The ending was too abrupt

The problem here is the opposite to the one above. An abrupt ending suggests a lack of resolution, where too many loose ends are left dangling. Leaving one or two things unresolved is fine, but if you’ve created a complex weave of plots and subplots, the reader will expect a degree of resolution for most of them. Check through all your subplots to ensure they resolve at some point. If you find ones that don’t, either find a way to resolve it as part of the ending or cull it from the story.

Finally, if you can’t find the cause of an issue flagged in feedback, don’t be afraid to ask the reader for more details. Explain what it is you’re trying to achieve. That way, if something isn’t coming across as you intended, the reader will be able to tell you. (They can’t highlight something that isn’t there.)

Doing Your Own Alpha Read

Once your bake is cooked, removed from the oven, and set out to cool, it’s time to plan the assembly. Print off your first draft if you can. If that’s not an option, transfer it to your tablet or e-reader if you have one (scrivener’s compile can export your manuscript in epud, mobi, or pdf formats,) or change the size/style of font you’re using so your work appears visually different when you read it. Doing this will help your brain process the writing as something new, picking up issues you might otherwise miss.
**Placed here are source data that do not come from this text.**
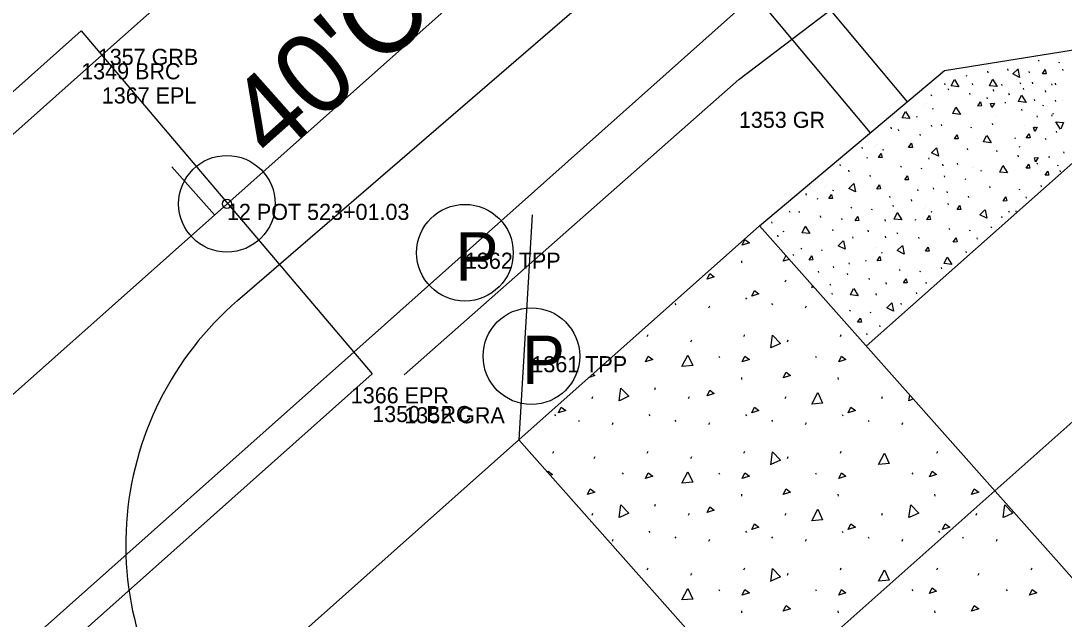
# Model space of a CAD drawing. Extents: x 50001 to 56005, y 49075 to 53926.
# Drawn here: x 53878.2 to 53943.1, y 51854.2 to 51891.3 of the extents above; entities that cross this region are included whole.
import ezdxf

# ---------------------------------------------------------------- set-up
doc = ezdxf.new("R2010")
doc.units = 0
for name, color, linetype in [('Level 1', 7, 'Continuous'), ('Level 15', 7, 'Continuous'), ('Level 18', 7, 'Continuous'), ('Level 19', 7, 'Continuous'), ('Level 20', 7, 'Continuous'), ('Level 3', 7, 'Continuous'), ('Level 5', 7, 'Continuous'), ('Level 51', 7, 'Continuous'), ('Level 53', 7, 'Continuous'), ('Level 55', 7, 'Continuous'), ('Level 57', 7, 'Continuous'), ('Level 59', 7, 'Continuous'), ('Level 7', 7, 'Continuous'), ('Level 8', 7, 'Continuous'), ('Level 9', 7, 'Continuous')]:
    doc.layers.add(name, color=color, linetype=linetype)

# ---------------------------------------------------------------- blocks, each defined once
blk = doc.blocks.new('PC')
at = {"layer": 'Level 1'}
for radius in [3, 0.282]:
    blk.add_circle((0, 0), radius, dxfattribs=at)
blk = doc.blocks.new('TPP')
at = {"layer": 'Level 9'}
blk.add_circle((0, 0), 3, dxfattribs=at)
blk.add_text('P', height=3, dxfattribs=at).set_placement((-0.589, -1.729))

msp = doc.modelspace()

# ---------------------------------------------------------------- linework, layer by layer
at = {"layer": 'Level 1'}
for p, q in [((52544.807, 50683.302), (55534.583, 53340.862)), ((52714.147, 50773.616), (54181.768, 52078.16)), ((53890.278, 51879.268), (53887.621, 51882.257))]:
    msp.add_line(p, q, dxfattribs=at)
at = {"layer": 'Level 15'}
for p, q in [((53910.003, 51879.272), (53909.18, 51865.296)), ((53909.18, 51865.296), (53924.129, 51878.584)), ((53924.129, 51878.584), (53953.361, 51845.698)), ((53923.006, 51876.413), (53923.02, 51876.288)), ((53925.731, 51875.108), (53925.786, 51875.233)), ((53923.263, 51874.123), (53923.318, 51874.04)), ((53918.882, 51873.77), (53918.937, 51873.687)), ((53920.993, 51873.499), (53921.049, 51873.623)), ((53924.882, 51873.77), (53924.937, 51873.687)), ((53926.993, 51873.499), (53927.049, 51873.623)), ((53917.158, 51871.709), (53917.213, 51871.834)), ((53919.869, 51871.39), (53919.925, 51871.514)), ((53923.158, 51871.709), (53923.213, 51871.834)), ((53925.869, 51871.39), (53925.925, 51871.514)), ((53929.158, 51871.709), (53929.213, 51871.834)), ((53915.604, 51870.502), (53915.659, 51870.418)), ((53921.604, 51870.502), (53921.659, 51870.418)), ((53927.604, 51870.502), (53927.659, 51870.418)), ((53923.006, 51869.171), (53923.02, 51869.046)), ((53929.006, 51869.171), (53929.02, 51869.046)), ((53917.622, 51868.434), (53917.677, 51868.559)), ((53913.731, 51867.865), (53913.786, 51867.99)), ((53919.731, 51867.865), (53919.786, 51867.99)), ((53925.731, 51867.865), (53925.786, 51867.99)), ((53931.731, 51867.865), (53931.786, 51867.99)), ((53911.406, 51866.881), (53911.461, 51866.797)), ((53917.263, 51866.881), (53917.318, 51866.797)), ((53923.263, 51866.881), (53923.318, 51866.797)), ((53929.263, 51866.881), (53929.318, 51866.797)), ((53912.882, 51866.527), (53912.937, 51866.444)), ((53914.993, 51866.256), (53915.049, 51866.381)), ((53918.882, 51866.527), (53918.937, 51866.444)), ((53920.993, 51866.256), (53921.049, 51866.381)), ((53924.882, 51866.527), (53924.937, 51866.444)), ((53926.993, 51866.256), (53927.049, 51866.381)), ((53930.882, 51866.527), (53930.937, 51866.444)), ((53932.993, 51866.256), (53933.049, 51866.381)), ((53460.734, 51466.679), (53909.18, 51865.296)), ((53938.412, 51832.41), (53909.18, 51865.296)), ((53911.301, 51864.466), (53911.356, 51864.591)), ((53913.869, 51864.147), (53913.925, 51864.272)), ((53917.158, 51864.466), (53917.213, 51864.591)), ((53919.869, 51864.147), (53919.925, 51864.272)), ((53923.158, 51864.466), (53923.213, 51864.591)), ((53925.869, 51864.147), (53925.925, 51864.272)), ((53929.158, 51864.466), (53929.213, 51864.591)), ((53935.158, 51864.466), (53935.213, 51864.591)), ((53915.604, 51863.259), (53915.659, 51863.176)), ((53921.604, 51863.259), (53921.659, 51863.176)), ((53927.604, 51863.259), (53927.659, 51863.176)), ((53933.604, 51863.259), (53933.659, 51863.176)), ((53923.006, 51861.928), (53923.02, 51861.803)), ((53929.006, 51861.928), (53929.02, 51861.803)), ((53935.006, 51861.928), (53935.02, 51861.803)), ((53917.622, 51861.192), (53917.677, 51861.317)), ((53913.731, 51860.623), (53913.786, 51860.748)), ((53919.731, 51860.623), (53919.786, 51860.748)), ((53925.731, 51860.623), (53925.786, 51860.748)), ((53931.731, 51860.623), (53931.786, 51860.748)), ((53937.588, 51860.623), (53937.643, 51860.748)), ((53914.993, 51859.013), (53915.049, 51859.138)), ((53917.263, 51859.638), (53917.318, 51859.555)), ((53918.882, 51859.285), (53918.937, 51859.202)), ((53920.993, 51859.013), (53921.049, 51859.138)), ((53923.263, 51859.638), (53923.318, 51859.555)), ((53924.882, 51859.285), (53924.937, 51859.202)), ((53926.993, 51859.013), (53927.049, 51859.138)), ((53929.263, 51859.638), (53929.318, 51859.555)), ((53930.882, 51859.285), (53930.937, 51859.202)), ((53932.993, 51859.013), (53933.049, 51859.138)), ((53935.263, 51859.638), (53935.318, 51859.555)), ((53936.739, 51859.285), (53936.795, 51859.202)), ((53938.85, 51859.013), (53938.906, 51859.138)), ((53917.158, 51857.223), (53917.213, 51857.348)), ((53923.158, 51857.223), (53923.213, 51857.348)), ((53929.158, 51857.223), (53929.213, 51857.348)), ((53935.158, 51857.223), (53935.213, 51857.348)), ((53941.015, 51857.223), (53941.07, 51857.348)), ((53919.869, 51856.904), (53919.925, 51857.029)), ((53925.869, 51856.904), (53925.925, 51857.029)), ((53937.726, 51856.904), (53937.782, 51857.029)), ((53921.604, 51856.016), (53921.659, 51855.933)), ((53927.604, 51856.016), (53927.659, 51855.933)), ((53933.604, 51856.016), (53933.659, 51855.933)), ((53939.461, 51856.016), (53939.516, 51855.933)), ((53923.006, 51854.685), (53923.02, 51854.56)), ((53929.006, 51854.685), (53929.02, 51854.56)), ((53935.006, 51854.685), (53935.02, 51854.56))]:
    msp.add_line(p, q, dxfattribs=at)
for points in [[(53923.061, 51877.384), (53923.227, 51877.73), (53923.505, 51877.522), (53923.061, 51877.384)], [(53925.614, 51876.392), (53925.776, 51876.73)], [(53925.976, 51876.505), (53925.614, 51876.392)], [(53920.874, 51875.278), (53921.04, 51875.625), (53921.318, 51875.417), (53920.874, 51875.278)], [(53923.649, 51874.22), (53923.816, 51874.567), (53924.093, 51874.359), (53923.649, 51874.22)], [(53927.379, 51874.766), (53927.432, 51874.867)], [(53927.513, 51874.776), (53927.393, 51874.766)], [(53924.829, 51871.002), (53924.939, 51871.795), (53925.436, 51871.282), (53924.842, 51871.007)], [(53917.061, 51870.141), (53917.227, 51870.488), (53917.505, 51870.28), (53917.061, 51870.141)], [(53919.318, 51869.851), (53919.692, 51870.559), (53919.984, 51869.907), (53919.331, 51869.851)], [(53923.061, 51870.141), (53923.227, 51870.488), (53923.505, 51870.28), (53923.061, 51870.141)], [(53929.061, 51870.141), (53929.227, 51870.488), (53929.505, 51870.28), (53929.061, 51870.141)], [(53925.614, 51869.149), (53925.781, 51869.496), (53926.058, 51869.288), (53925.614, 51869.149)], [(53913.776, 51869.381), (53913.9, 51869.288), (53913.547, 51869.178)], [(53915.419, 51867.722), (53915.529, 51868.515), (53916.026, 51868.002), (53915.432, 51867.727)], [(53920.874, 51868.035), (53921.04, 51868.382), (53921.318, 51868.174), (53920.874, 51868.035)], [(53927.379, 51867.523), (53927.754, 51868.231), (53928.045, 51867.579), (53927.393, 51867.523)], [(53933.419, 51867.722), (53933.468, 51868.077)], [(53933.678, 51867.841), (53933.432, 51867.727)], [(53911.649, 51866.977), (53911.816, 51867.324), (53912.093, 51867.116), (53911.649, 51866.977)], [(53923.649, 51866.977), (53923.816, 51867.324), (53924.093, 51867.116), (53923.649, 51866.977)], [(53929.649, 51866.977), (53929.816, 51867.324), (53930.093, 51867.116), (53929.649, 51866.977)], [(53924.829, 51863.759), (53924.939, 51864.552), (53925.436, 51864.039), (53924.842, 51863.764)], [(53931.529, 51863.772), (53931.904, 51864.48), (53932.195, 51863.828), (53931.543, 51863.772)], [(53910.968, 51863.285), (53911, 51863.351), (53911.277, 51863.143), (53911.134, 51863.098)], [(53917.061, 51862.898), (53917.227, 51863.245), (53917.505, 51863.037), (53917.061, 51862.898)], [(53919.318, 51862.609), (53919.692, 51863.316), (53919.984, 51862.664), (53919.331, 51862.609)], [(53923.061, 51862.898), (53923.227, 51863.245), (53923.505, 51863.037), (53923.061, 51862.898)], [(53929.061, 51862.898), (53929.227, 51863.245), (53929.505, 51863.037), (53929.061, 51862.898)], [(53934.691, 51863.004), (53934.857, 51863.351), (53935.135, 51863.143), (53934.691, 51863.004)], [(53913.456, 51861.906), (53913.622, 51862.253), (53913.9, 51862.045), (53913.456, 51861.906)], [(53925.614, 51861.907), (53925.781, 51862.253), (53926.058, 51862.045), (53925.614, 51861.907)], [(53937.313, 51861.906), (53937.479, 51862.253), (53937.757, 51862.045), (53937.313, 51861.906)], [(53915.419, 51860.479), (53915.529, 51861.272), (53916.026, 51860.759), (53915.432, 51860.484)], [(53920.874, 51860.793), (53921.04, 51861.14), (53921.318, 51860.932), (53920.874, 51860.793)], [(53927.379, 51860.281), (53927.754, 51860.988), (53928.045, 51860.336), (53927.393, 51860.281)], [(53933.419, 51860.479), (53933.529, 51861.272), (53934.026, 51860.759), (53933.432, 51860.484)], [(53939.276, 51860.479), (53939.386, 51861.272), (53939.883, 51860.759), (53939.289, 51860.484)], [(53923.649, 51859.735), (53923.816, 51860.082), (53924.093, 51859.873), (53923.649, 51859.735)], [(53929.649, 51859.735), (53929.816, 51860.082), (53930.093, 51859.873), (53929.649, 51859.735)], [(53935.506, 51859.735), (53935.673, 51860.082), (53935.95, 51859.873), (53935.506, 51859.735)], [(53924.829, 51856.517), (53924.939, 51857.31), (53925.436, 51856.797), (53924.842, 51856.521)], [(53931.529, 51856.53), (53931.904, 51857.237), (53932.195, 51856.585), (53931.543, 51856.53)], [(53919.318, 51855.366), (53919.692, 51856.073), (53919.984, 51855.421), (53919.331, 51855.366)], [(53923.061, 51855.656), (53923.227, 51856.003), (53923.505, 51855.794), (53923.061, 51855.656)], [(53929.061, 51855.656), (53929.227, 51856.003), (53929.505, 51855.794), (53929.061, 51855.656)], [(53934.691, 51855.762), (53934.857, 51856.108), (53935.135, 51855.9), (53934.691, 51855.762)], [(53940.918, 51855.656), (53941.084, 51856.003), (53941.362, 51855.794), (53940.918, 51855.656)], [(53925.614, 51854.664), (53925.781, 51855.011), (53926.058, 51854.803), (53925.614, 51854.664)], [(53937.313, 51854.664), (53937.479, 51855.011), (53937.757, 51854.803), (53937.313, 51854.664)]]:
    msp.add_lwpolyline(points, dxfattribs=at)
at = {"layer": 'Level 18'}
msp.add_line((53891.699, 51873.945), (53926.024, 51903.545), dxfattribs=at)
msp.add_arc((53904.761, 51858.799), 20, 130.77344, 221.63389, dxfattribs=at)
at = {"layer": 'Level 19'}
msp.add_line((52714.147, 50773.616), (54181.768, 52078.16), dxfattribs=at)
at = {"layer": 'Level 20'}
msp.add_line((53930.772, 51871.11), (54173.796, 52087.129), dxfattribs=at)
at = {"layer": 'Level 3'}
for p, q in [((53883.273, 51889.178), (54069.537, 52054.718)), ((53898.742, 51870.567), (54083.389, 52035.124)), ((53434.092, 51489.844), (53883.273, 51889.178)), ((53449.718, 51471.806), (53898.742, 51870.567))]:
    msp.add_line(p, q, dxfattribs=at)
at = {"layer": 'Level 5'}
for p, q in [((53432.563, 51491.203), (53881.993, 51890.68)), ((53881.993, 51890.68), (53900.074, 51869.402)), ((53900.074, 51869.402), (53451.19, 51470.163))]:
    msp.add_line(p, q, dxfattribs=at)
at = {"layer": 'Level 7'}
for p, q in [((53922.854, 51887.665), (53958.852, 51915.059)), ((53902.065, 51869.327), (53922.854, 51887.665))]:
    msp.add_line(p, q, dxfattribs=at)
at = {"layer": 'Level 8'}
for p, q in [((53933.325, 51886.292), (53921.868, 51899.962)), ((53931.026, 51884.365), (53919.596, 51898.002)), ((53935.625, 51888.219), (53953.195, 51891.04)), ((53941.504, 51888.801), (53941.444, 51888.86)), ((53924.129, 51878.584), (53935.625, 51888.219)), ((53939.549, 51888.32), (53939.573, 51888.232)), ((53942.79, 51888.71), (53942.726, 51888.729)), ((53942.951, 51888.305), (53942.976, 51888.217)), ((53937.045, 51887.867), (53936.981, 51887.886)), ((53938.29, 51888.175), (53938.314, 51888.087)), ((53940.867, 51888.166), (53940.892, 51888.078)), ((53935.631, 51887.423), (53935.655, 51887.336)), ((53935.843, 51887.113), (53935.867, 51887.025)), ((53937.348, 51887.426), (53937.372, 51887.338)), ((53938.643, 51887.037), (53938.667, 51886.949)), ((53939.216, 51887.291), (53939.189, 51887.378)), ((53940.317, 51887.485), (53940.341, 51887.397)), ((53940.557, 51887.039), (53940.53, 51887.126)), ((53941.074, 51887.495), (53941.098, 51887.407)), ((53941.883, 51886.976), (53941.907, 51886.888)), ((53942.271, 51887.397), (53942.296, 51887.309)), ((53942.501, 51887.431), (53942.525, 51887.343)), ((53934.789, 51886.743), (53934.813, 51886.655)), ((53937.175, 51886.819), (53937.199, 51886.731)), ((53938.254, 51886.551), (53938.278, 51886.463)), ((53939.379, 51886.247), (53939.443, 51886.23)), ((53939.614, 51886.81), (53939.638, 51886.723)), ((53941.2, 51886.422), (53941.224, 51886.334)), ((53942.498, 51886.393), (53942.522, 51886.305)), ((53942.977, 51886.338), (53942.977, 51886.338)), ((53934.374, 51886.047), (53934.374, 51886.047)), ((53934.503, 51886.153), (53934.503, 51886.153)), ((53934.939, 51885.83), (53934.875, 51885.849)), ((53940.456, 51885.749), (53940.429, 51885.836)), ((53941.716, 51886.066), (53941.781, 51886.048)), ((53933.956, 51885.326), (53933.892, 51885.346)), ((53938.596, 51884.945), (53938.62, 51884.858)), ((53938.859, 51885.404), (53938.859, 51885.404)), ((53941.362, 51885.417), (53941.386, 51885.329)), ((53942.268, 51885.482), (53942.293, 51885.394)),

Now grab a red pen and some highlighters (or use comments/highlights on your e-reader or software), settle down somewhere comfy, and read your story in the same way you’d read a magazine or book. The aim is to pick up any structural or character issues that might put readers off your work.

If you find your mind wandering, mark the section where it happens and note the issue in the margin. If a character’s actions are inconsistent, make notes where those inconsistencies happen. If a section feels rushed or slow, lacking in detail, or overloaded with description or dialogue, mark all those issues too.

SPAG errors or technical issues aren’t important at this stage, but if you do notice some, mark them with your highlighters and move on. You don’t want to spend ten minutes sorting a single sentence now, only to end up deleting the entire paragraph when you start on the structural edit.

Finally, for each scene note down the plot or plots the scene impacts, the conflict type present, and how the story is moved forward.

For example, if your story is about a young, adopted man searching for his birth parents, and the scene shows him debating with himself over whether he wants to find them, your notes might be:

Plot: Boy looking for his parents
Conflict: Internal (should he look or not?)
What has changed: Boy commits to looking for them

Then, in the next scene he may inform a friend of his decision, only for them to end up arguing because the friend worries it’s a bad choice. For this the notes may be:

Plot: Relationship with best friend
Conflict: External-friendship
What has changed: Relationship strained as friend disagrees with choice

If you struggle to identify the plot, conflict, or change for a scene, it may be the scene is missing one of those ingredients, indicating it either needs reworked to include it, or that it’s superfluous and can be deleted. (This is a process I will look at in more detail in a later post.)

These notes, along with any feedback from alpha readers and/or critique partners, will create the foundation on which to build your structural edit—the first step in the shaping of your bake.